◆ **About this exercise**:
Copy exactly the lines of the material below that fall between the line with "Engineering drawing of a manufactured part. In" and the line with "Engineering drawing of a manufactured part. Give", both of those lines included; pictures stay out.

◆ **Data shown**:
.....

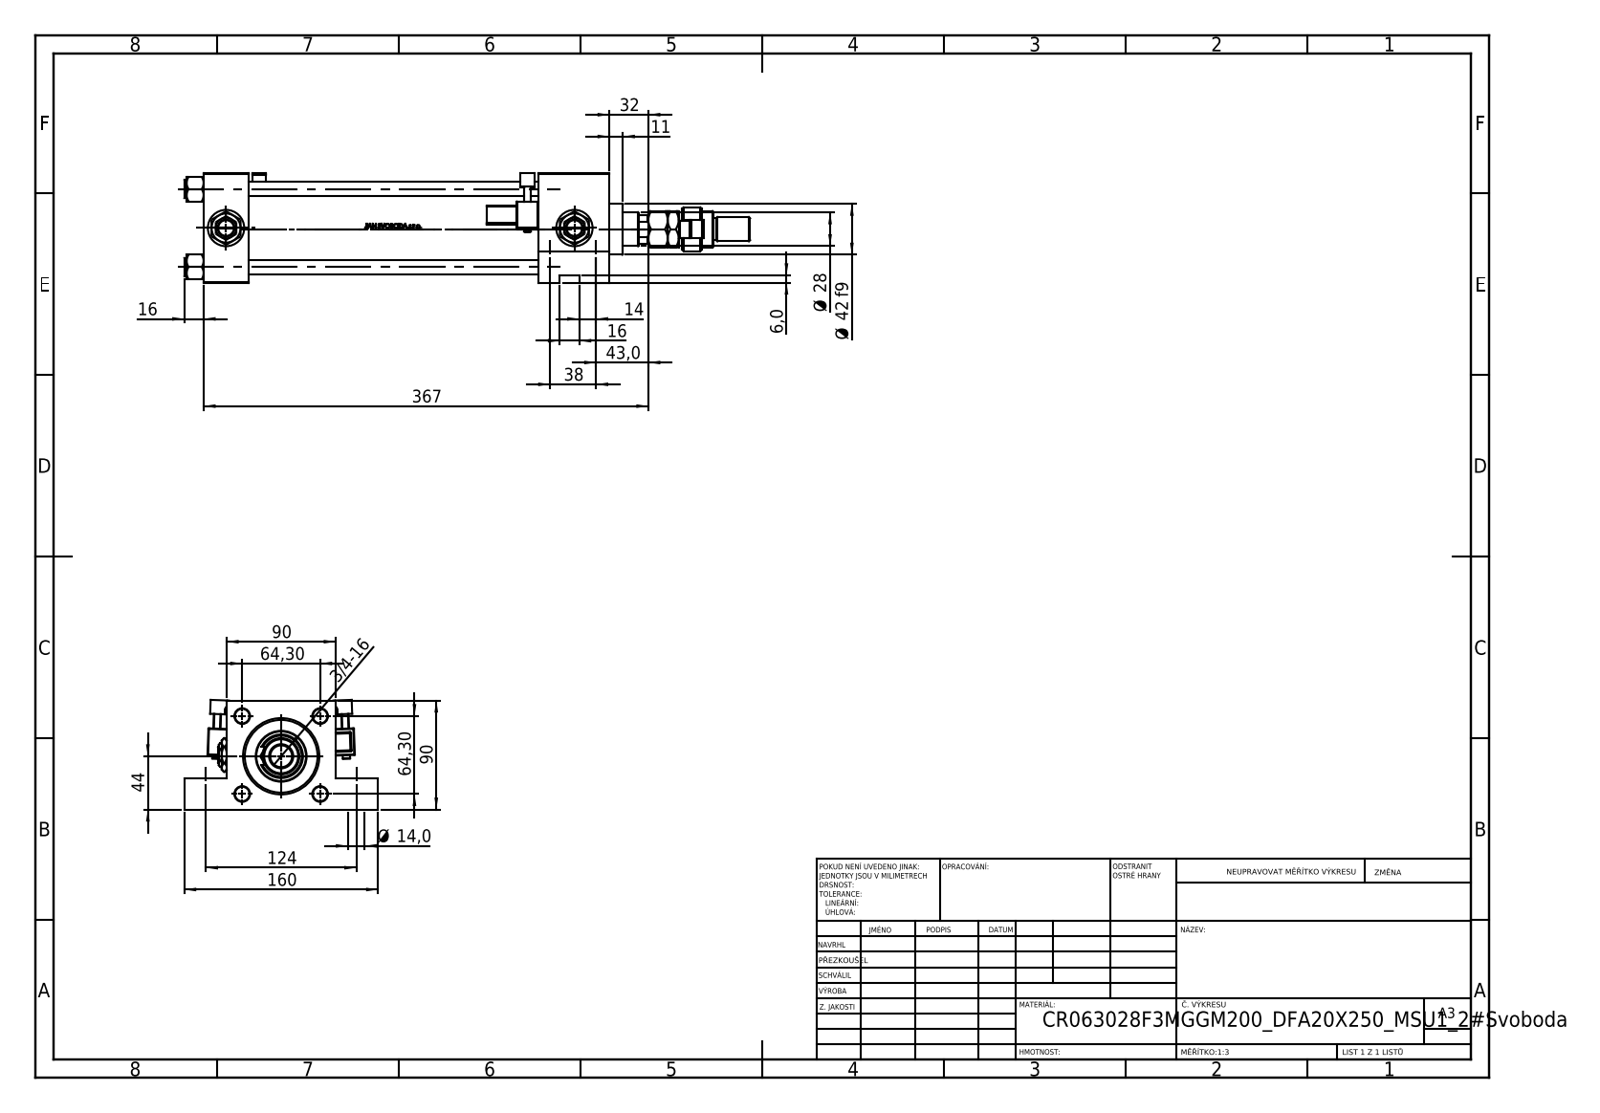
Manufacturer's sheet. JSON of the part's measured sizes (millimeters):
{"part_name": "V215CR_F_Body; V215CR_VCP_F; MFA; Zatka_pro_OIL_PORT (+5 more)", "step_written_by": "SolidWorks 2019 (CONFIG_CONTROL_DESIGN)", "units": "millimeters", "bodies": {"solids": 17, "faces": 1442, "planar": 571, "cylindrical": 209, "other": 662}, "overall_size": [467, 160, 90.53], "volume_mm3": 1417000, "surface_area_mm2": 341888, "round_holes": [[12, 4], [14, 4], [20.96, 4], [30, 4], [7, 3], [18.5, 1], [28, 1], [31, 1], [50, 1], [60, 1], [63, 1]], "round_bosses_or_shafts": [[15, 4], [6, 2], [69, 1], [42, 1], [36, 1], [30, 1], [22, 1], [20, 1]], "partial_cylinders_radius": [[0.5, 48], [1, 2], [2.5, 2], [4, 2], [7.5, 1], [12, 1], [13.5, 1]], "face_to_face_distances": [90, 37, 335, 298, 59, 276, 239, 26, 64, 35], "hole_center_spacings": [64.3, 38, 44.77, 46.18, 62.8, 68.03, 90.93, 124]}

.....

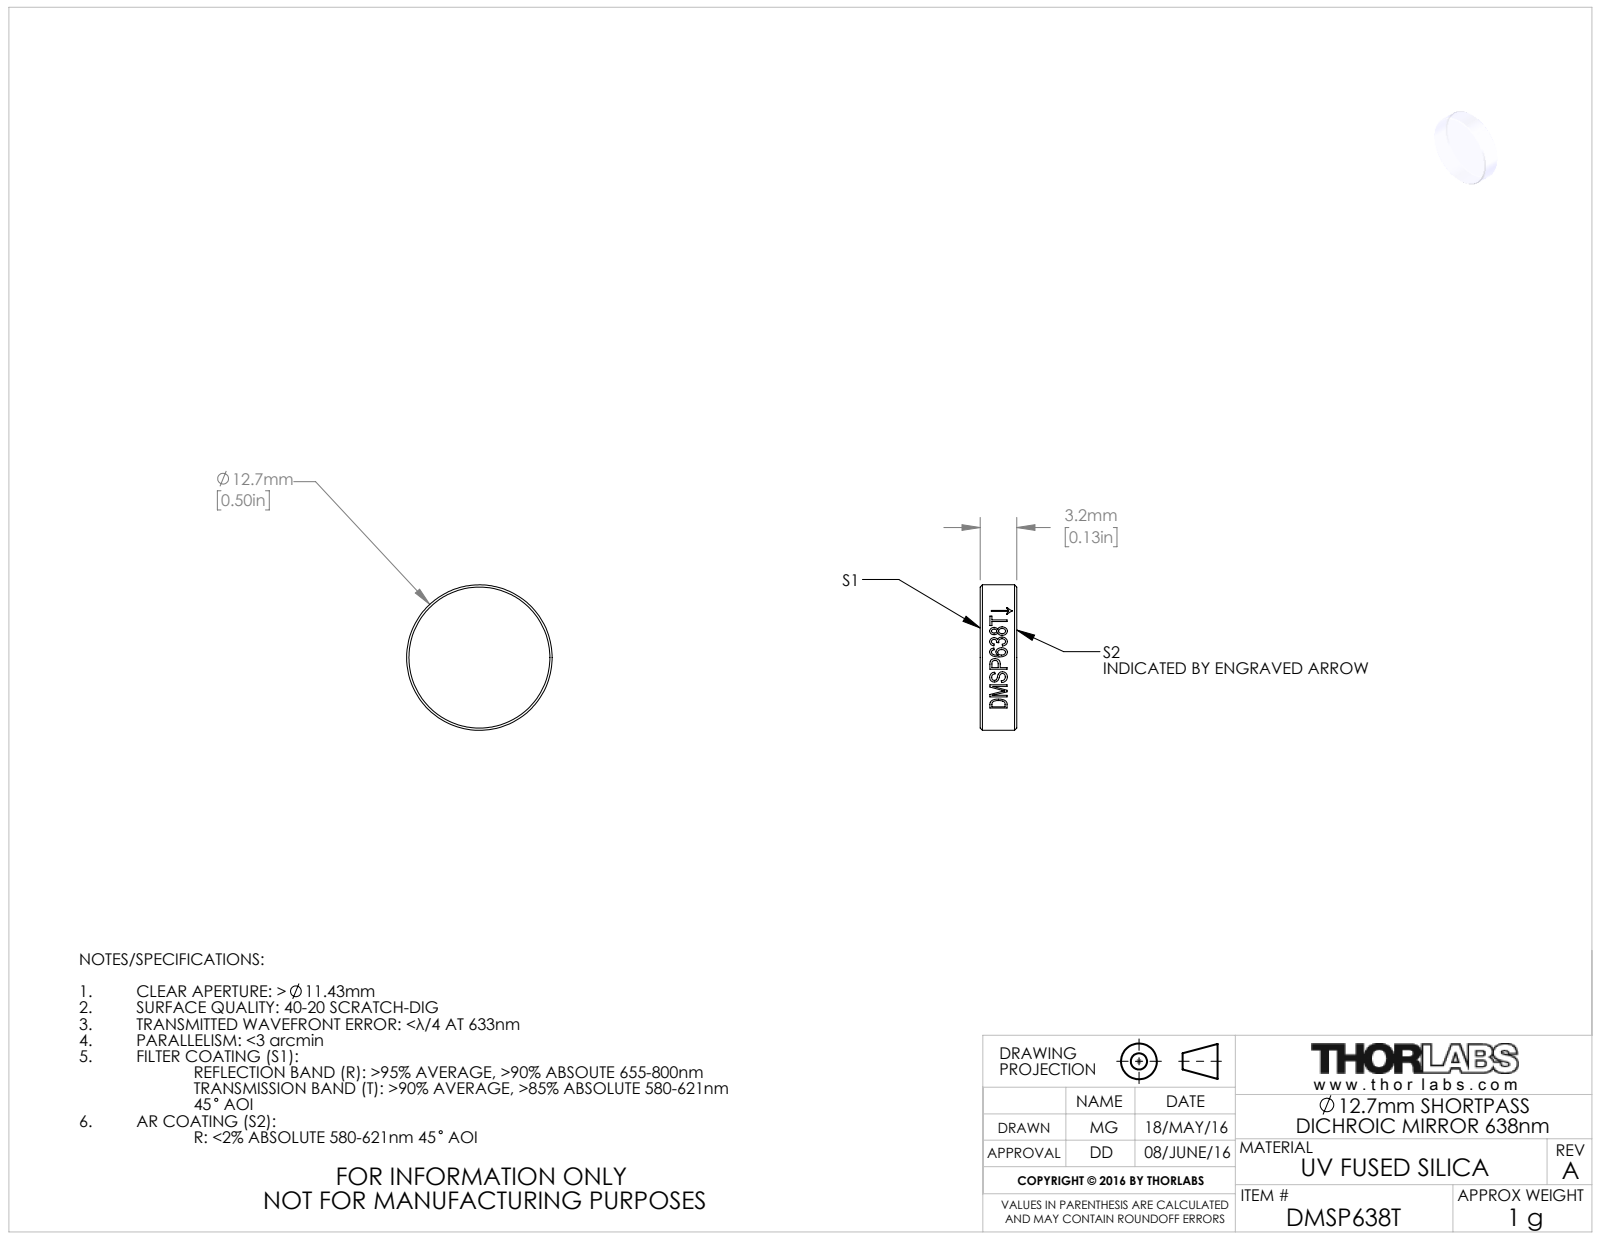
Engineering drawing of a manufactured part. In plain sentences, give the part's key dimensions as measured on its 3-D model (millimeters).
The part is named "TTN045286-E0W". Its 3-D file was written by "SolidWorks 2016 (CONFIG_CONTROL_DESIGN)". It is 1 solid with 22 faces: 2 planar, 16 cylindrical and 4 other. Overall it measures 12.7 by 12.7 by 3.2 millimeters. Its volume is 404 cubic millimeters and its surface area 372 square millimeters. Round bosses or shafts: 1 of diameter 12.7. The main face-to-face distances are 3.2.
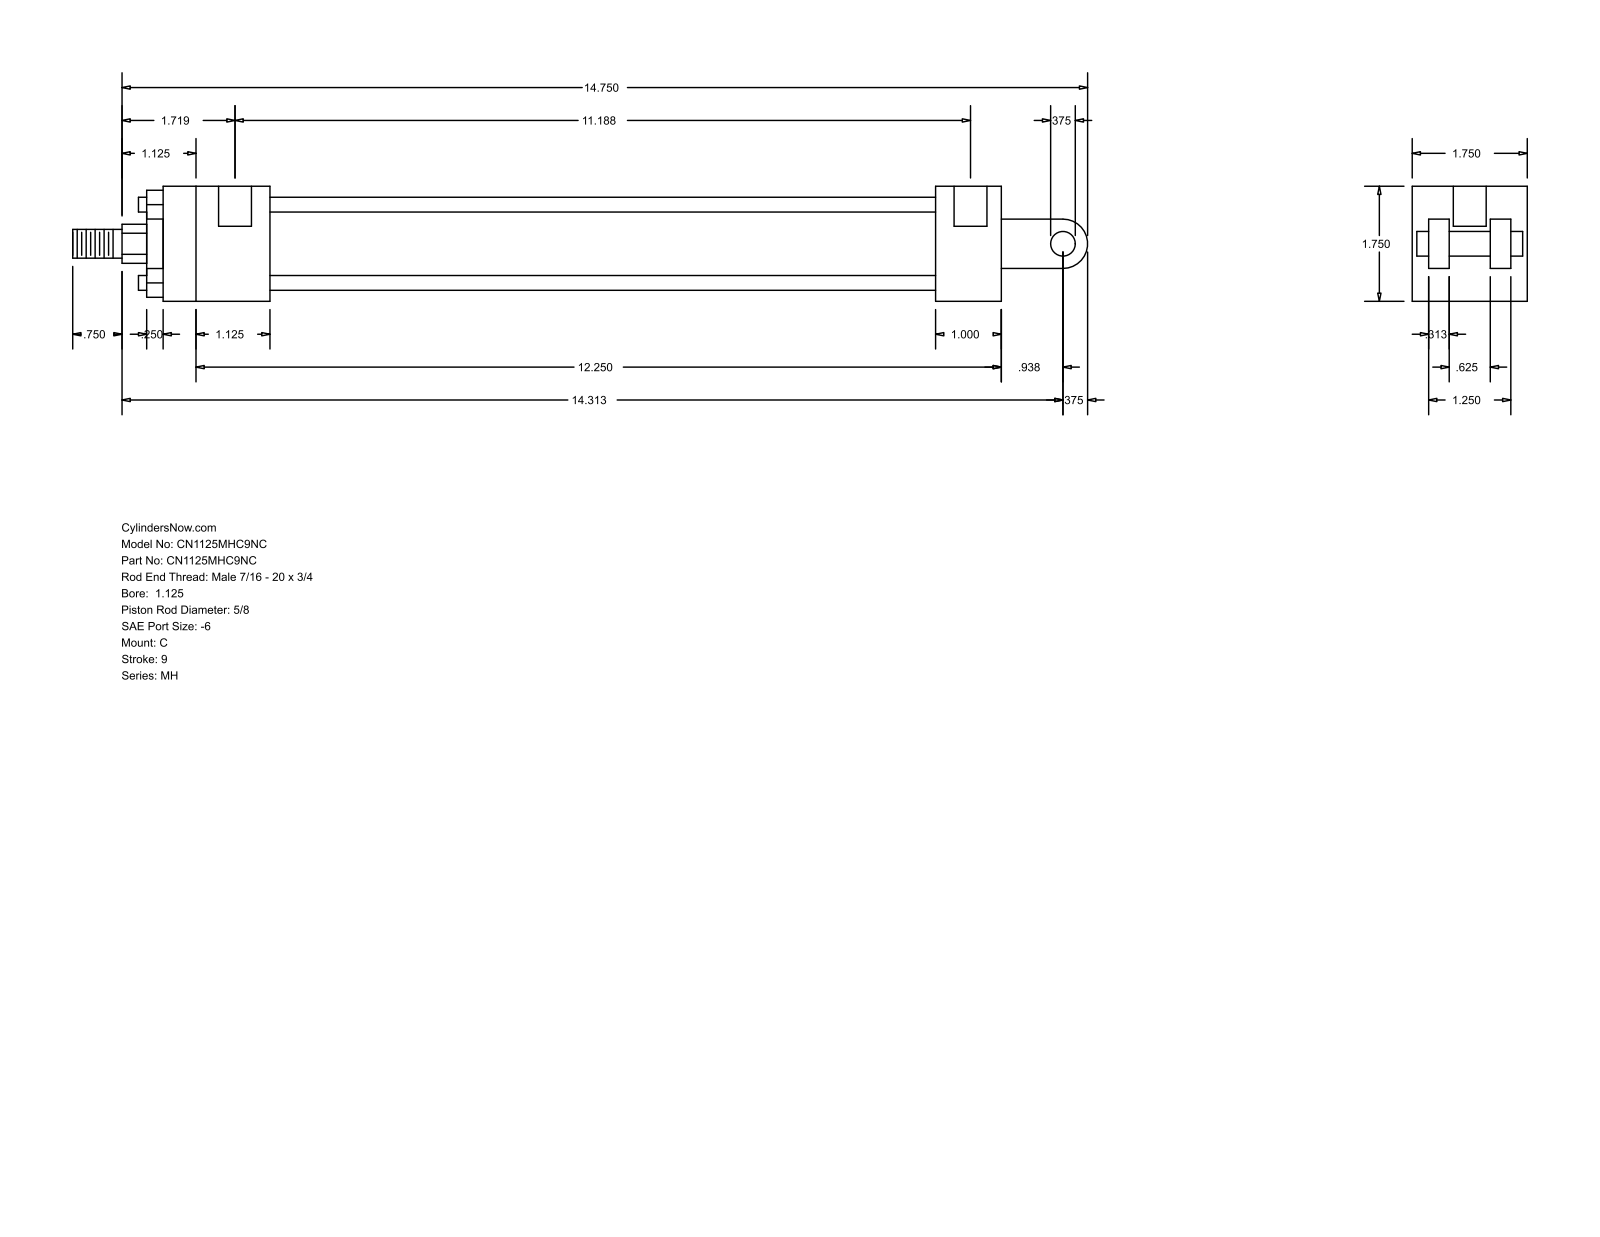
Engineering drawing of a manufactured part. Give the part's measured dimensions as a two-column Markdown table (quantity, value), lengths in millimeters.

.....

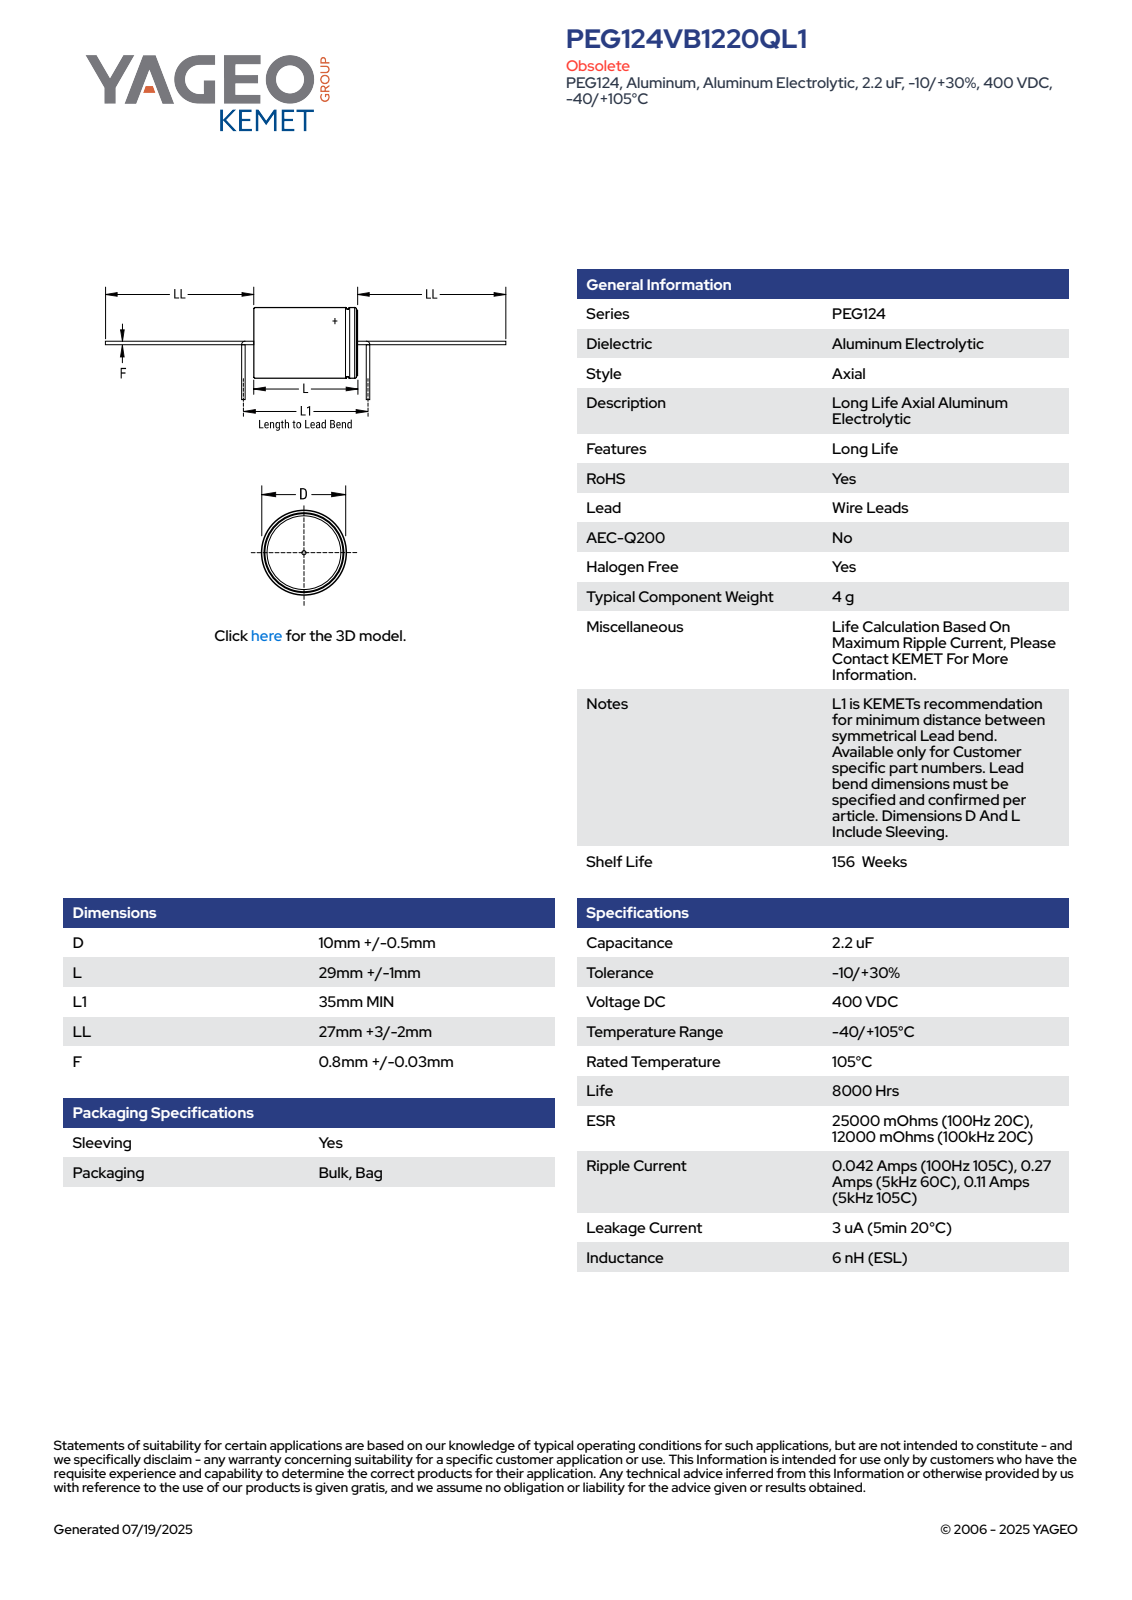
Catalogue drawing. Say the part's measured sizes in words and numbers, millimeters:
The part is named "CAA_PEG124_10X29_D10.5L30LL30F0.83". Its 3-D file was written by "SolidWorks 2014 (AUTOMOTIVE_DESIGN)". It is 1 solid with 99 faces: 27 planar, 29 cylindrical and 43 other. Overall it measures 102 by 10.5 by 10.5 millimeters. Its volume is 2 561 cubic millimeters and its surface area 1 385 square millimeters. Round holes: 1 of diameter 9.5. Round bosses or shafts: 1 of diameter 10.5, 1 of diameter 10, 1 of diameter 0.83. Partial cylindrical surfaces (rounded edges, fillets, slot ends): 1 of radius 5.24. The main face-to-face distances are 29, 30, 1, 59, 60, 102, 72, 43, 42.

.....

◆ **Result of the task**:
Engineering drawing of a manufactured part. In plain sentences, give the part's key dimensions as measured on its 3-D model (millimeters).
The part is named "TTN045286-E0W". Its 3-D file was written by "SolidWorks 2016 (CONFIG_CONTROL_DESIGN)". It is 1 solid with 22 faces: 2 planar, 16 cylindrical and 4 other. Overall it measures 12.7 by 12.7 by 3.2 millimeters. Its volume is 404 cubic millimeters and its surface area 372 square millimeters. Round bosses or shafts: 1 of diameter 12.7. The main face-to-face distances are 3.2.
Engineering drawing of a manufactured part. Give the part's measured dimensions as a two-column Markdown table (quantity, value), lengths in millimeters.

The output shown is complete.